那我們把江海市交給你的意義是什么?
出了事,你首先要想的就是如何解決,而不是如何麻煩別人,
現在江海市還是你說了算,他們就算在一起了,又能如何?
所有的東西還不都是你說了算么?所以不要急,遇見事情解決事情就好了。”
說著,鐘婷婷拿起手機看了看,然后道,“好了,時間也不早了,我一會還有個瑜伽課,就不留你在這里吃飯了。”
祁連城被鐘婷婷這番話氣了個半死,但是又不好說什么。
心道要是真如你說的那么簡單,那這官場也太好混了。
官場上的人,哪個背后不是錯綜復雜的關系網,哪個不是牽一發而動全身。
她還真以為徐東升是吳長勇時期的徐東升么?
那個時候,別說自己了,就連市委的一個辦公室主任,想要拿捏一下徐東升,也就隨手拿捏了。
可現如今徐東升以驚人的速度成長起來了。
在他背后站著的是衛明成,是鄭先功,是燕京的范建林。
他要是真如鐘婷婷說的,按照自己的想法,動用手里的權力壓死了徐東升,自己個書記,第二天估計就會被帶走。
所以要想對付徐東升,得處處給他刨坑,時時給他設陷阱。
要做的天衣無縫,就算是范建林來了,也得撓頭那種。
顯然,這會兒的鐘婷婷已經聽不進去這些了。
祁連城氣極反笑,看著鐘婷婷道,“鐘教授,既然你都把話說到這了,
我也在這里表個態,我是可以把這個事壓下去,不過壓下去之后會有什么后果,希望你跟鐘老做好準備。
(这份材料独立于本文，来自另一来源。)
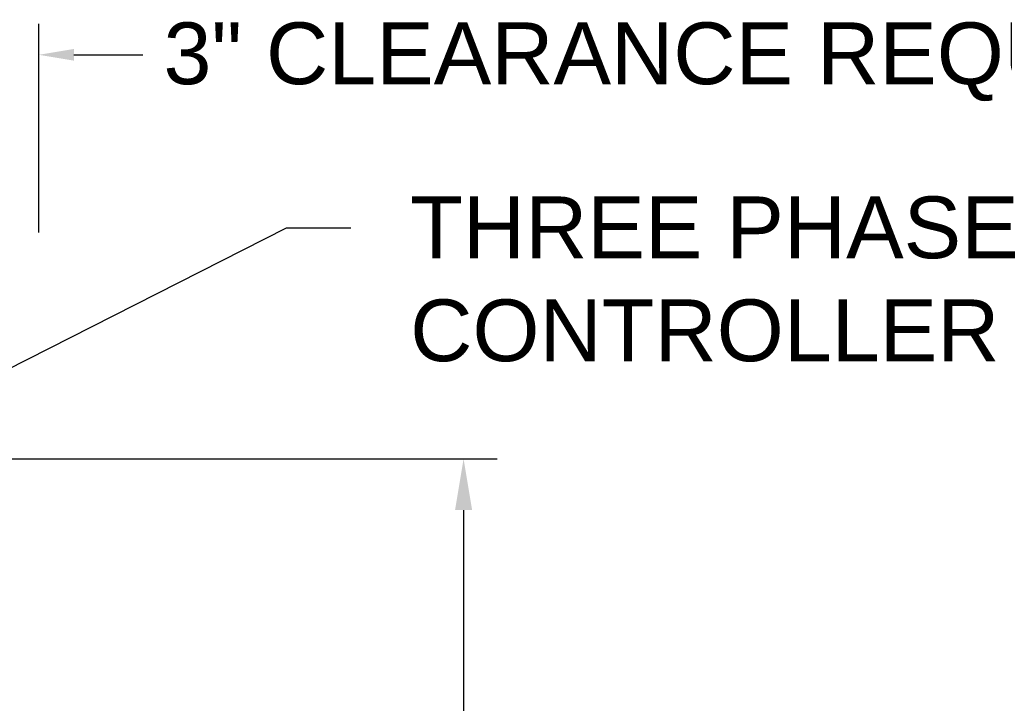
# Model space of a CAD drawing. Header units: inches. Extents: x 170 to 312, y 215 to 248.
# Tile 360 of 557: x 256.97 to 258.46, y 222.06 to 223.1. Entities that reach past the tile are written whole.
import ezdxf
from ezdxf import colors
from ezdxf.entities.mleader import LeaderData, LeaderLine
from ezdxf.math import Vec2, Vec3

# ---------------------------------------------------------------- set-up
doc = ezdxf.new("R2010")
doc.units = ezdxf.units.IN
doc.header["$LTSCALE"] = 0.25
doc.header["$MEASUREMENT"] = 0
doc.layers.add('ANNOTATIONS', color=1, linetype='Continuous')
doc.styles.add('ARIAL', font='arial.ttf', dxfattribs={"height": 0.09375})

msp = doc.modelspace()

# ---------------------------------------------------------------- linework, layer by layer
at = {"layer": 'ANNOTATIONS'}
for p, q in [((256.99652, 222.77305), (256.99652, 223.08974)), ((257.04966, 223.04261), (257.15427, 223.04261)), ((256.64169, 222.42941), (257.69264, 222.42941)), ((257.64155, 222.35175), (257.64155, 221.55133))]:
    msp.add_line(p, q, dxfattribs=at)
for points in [[(257.04966, 223.05147), (257.04966, 223.03376), (256.99652, 223.04261)], [(257.6286, 222.35175), (257.65449, 222.35175), (257.64155, 222.42941)]]:
    msp.add_solid(points, dxfattribs=at)

# ---------------------------------------------------------------- texts
at = {"layer": 'ANNOTATIONS', "insert": (258.86954, 223.032), "char_height": 0.09375, "attachment_point": 6, "style": 'ARIAL'}
msp.add_mtext('3" CLEARANCE REQUIRED', dxfattribs=at)

# ---------------------------------------------------------------- leaders
at = {"layer": 'ANNOTATIONS'}
ml = msp.add_multileader_mtext('Standard', dxfattribs=at)
ml.set_content('THREE PHASE\\PCONTROLLER', color=256, style='ARIAL')
ml.set_leader_properties()
ml.build(insert=Vec2(0, 0))
ml.multileader.update_dxf_attribs({"dogleg_length": 0.36, "arrow_head_size": 0.09375})
ctx = ml.context
ctx.base_point, ctx.char_height, ctx.arrow_head_size, ctx.landing_gap_size, ctx.plane_origin = Vec3(257.47039, 222.77996), 0.09375, 0.09375, 0.09, Vec3(256.38844, 222.48298)
notes = []
notes.append((ctx, [(0, (1, 1, 0), (257.37243, 222.77996), (1, 0), 0.09796, [(0, [(256.86302, 222.52169)], 0, [])])]))
ctx.mtext.insert, ctx.mtext.flow_direction = Vec3(257.56039, 222.82763), 5
for ctx, leaders in notes:
    for number, flags, end, landing, length, lines in leaders:
        leader = LeaderData()
        leader.index, (leader.has_last_leader_line, leader.has_dogleg_vector, leader.attachment_direction) = number, flags
        leader.last_leader_point, leader.dogleg_vector, leader.dogleg_length = Vec3(end), Vec3(landing), length
        for number, points, colour, breaks in lines:
            line = LeaderLine()
            line.index, line.vertices, line.color, line.breaks = number, Vec3.list(points), colors.encode_raw_color(colour), breaks
            leader.lines.append(line)
        ctx.leaders.append(leader)

doc.saveas('drawing.dxf')

”
說出這些話,祁連城也知道有些重了。
于是放緩了一下語氣,又道,“沒有鐘老就沒有我祁連城的今天,
我能為鐘老做的,我接下來都會做到,只希望鐘教授你在接下來的時間內,
在鐘老面前多多替我講情,將我這邊的難處也跟鐘老說一下,
說句不該說的,要是哪天我撐不住了,也希望鐘老能有個備用人選頂了我在江海市的位置。”
說完,祁連城又沖著鐘婷婷笑笑,然后步伐沉重的離開。
鐘婷婷看著祁連城的背影,輕哼道,“廢物就是廢物,就算是戴上王冠,也是一個花里胡哨的廢物。”
她本身就不是混官場的,如今形勢所逼被鐘愛民安排在這里,看不清局勢也是正常。
只是這么一來可就苦了祁連城。
祁連城本以為自己一番托孤似的表忠心,會被鐘婷婷原封不動的告訴鐘愛民。
然后引起鐘愛民的注意,多往江海市投來關注。
可惜,鐘婷婷在他走后,還真就打開電視,跟著私教老師練起了愈加。
鐘婷婷在研究身體的彎曲極限的時候,徐東升也在做研究。
白慶云跟他談話之后,為了防止真有人給他扣帽子,他必須要尋求到破局之法。
而將自己眼下的行為,定義為市局施政的新探索,新實踐的話,將會大大降低自己的壓力。
說干就干,他從歷史文獻以及如今諸多案例,文件中沒有找到適合自己的依據。
既然沒有依據可供參考,那便自己創造!
他當即就根據如今江海市的現狀,同時結合江海市前三十年的發展脈絡,
直接寫了一篇名為‘以新擔當新作為開創社會事業改革創新發展新局面’的署名文章。
在這篇立意宏大的文章里,徐東升主要說了官場上的上與下,點和面,立和破,改和穩對社會發展的影響。
他本就是文秘出身,用詞犀利,而且又是有感而發,僅僅三個晚上,便將這份萬余字的文章寫好。
然后徐東升也沒多想,直接就發給了求是雜志。